Singh first appeared on TV as a competitor in ITV's Chef of the Year in 2000, which he also won. He was also featured on Ready Steady Cook with James Martin in June 2008. Afterwards, he appeared in Series 3 of the BBC's Great British Menu which then lead to his reappearance in Series 5, 6 and 8.

In 2013, Singh partnered with Cyrus Todiwala to present their own cookery show on BBC Two called The Incredible Spice Men.

Singh was later featured in food and personality shows around the UK, including The One Show, The Paul O'Grady Show, Countryfile and Celebrity Mastermind as well as appearing on Radio Scotland, Radio 1, Radio 4 and BBC Radio Asia. In 2015 Singh and Todiwala paired up again and appeared on the Celebrity edition of the quiz show Pointless.

In the same year, Singh then starred as one of the chefs on BBC Two's A Cook Abroad. In that, Singh went to India during Diwali, where he presented traditional food in the Punjab and explored his Indian heritage.

In September 2018, he appeared on the CBBC documentary Our School (TV series) as a guest head judge for the bake-off.

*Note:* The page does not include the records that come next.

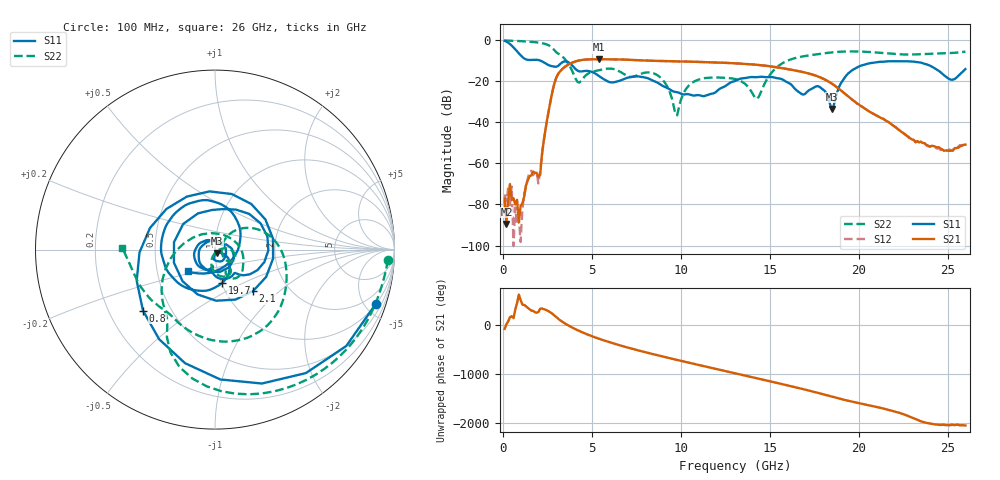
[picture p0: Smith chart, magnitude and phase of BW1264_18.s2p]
!Keysight Technologies,N5245B,MY57181159,A.13.60.06
!Date: Friday, December 18, 2020 23:52:51
!Correction: S11(Full 2 Port(1,2))
!S21(Full 2 Port(1,2))
!S12(Full 2 Port(1,2))
!S22(Full 2 Port(1,2))
!S2P File: Measurements: S11, S21, S12, S22:
# Hz S  dB  R 50
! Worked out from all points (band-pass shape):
!   260 points, 100 MHz to 26 GHz, reference 50 ohm
!   highest |S21| = -9.43 dB at 5.4 GHz (marker M1); lowest = -89.5 dB at 200 MHz (marker M2)
!   |S21| within 3 dB of the highest: 3.608 GHz to 14.62 GHz (11.02 GHz wide, 121 % of centre)
!   lowest |S11| = -33.6 dB at 18.5 GHz (marker M3), VSWR 1.04, Z = 50.8 - j1.93 ohm
!   |S11| at or under -10 dB: 2.072 GHz to end of sweep
!   |S22| runs from -36.6 to -0.3 dB; largest |S21 - S12| = 0.00053
!   S11 on the Smith chart (normalised r, x): 100 MHz: 1.04, -5.95; 800 MHz: 0.35, -0.33; 2.1 GHz: 1.33, -0.69; 19.7 GHz: 1.01, -0.39; 26 GHz: 0.72, -0.18
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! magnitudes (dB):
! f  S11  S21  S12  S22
! 100 MHz  -0.5  -77.1  -75.1  -0.3
! 200 MHz  -0.8  -89.5  -78.5  -0.4
! 300 MHz  -1.4  -78.1  -71.7  -0.4
! 400 MHz  -2.0  -70.1  -80.4  -0.4
! 500 MHz  -2.8  -77.9  -71.4  -0.5
! 800 MHz  -5.6  -77.8  -89.8  -0.6
! 1.5 GHz  -9.8  -66.4  -64.3  -0.9
! 2.1 GHz  -10.1  -65.6  -63.6  -1.5
! 3 GHz  -13.1  -18.5  -18.5  -6.0
! 4.5 GHz  -15.3  -9.7  -9.7  -18.9
! 5.4 GHz  -17.6  -9.4  -9.4  -14.8
! 8.8 GHz  -21.4  -10.3  -10.3  -17.9
! 9.8 GHz  -25.5  -10.4  -10.4  -36.6
! 10.7 GHz  -27.1  -10.7  -10.7  -20.6
! 13.1 GHz  -19.9  -11.4  -11.4  -19.2
! 14.3 GHz  -18.1  -12.2  -12.1  -28.6
! 15.5 GHz  -18.7  -13.5  -13.5  -12.7
! 17.4 GHz  -23.7  -16.9  -16.9  -7.3
! 18.5 GHz  -33.6  -21.3  -21.3  -6.1
! 19.7 GHz  -14.4  -29.5  -29.5  -5.6
! 21.7 GHz  -10.4  -40.1  -40.2  -6.6
! 26 GHz  -14.2  -51.0  -51.1  -5.7

In 2021, Singh appeared as a special guest on the show ‘Men in Kilts: A Road Trip with Sam and Graham’, starring Sam Heughan and Graham McTavish from the show Outlander. On ‘Men in Kilts’, Singh prepared a seafood dish for Sam and Graham, with his unique signature fusion of Scottish and Asian flavours.

In 2022, he was on Series 2 of Cooking with the Stars.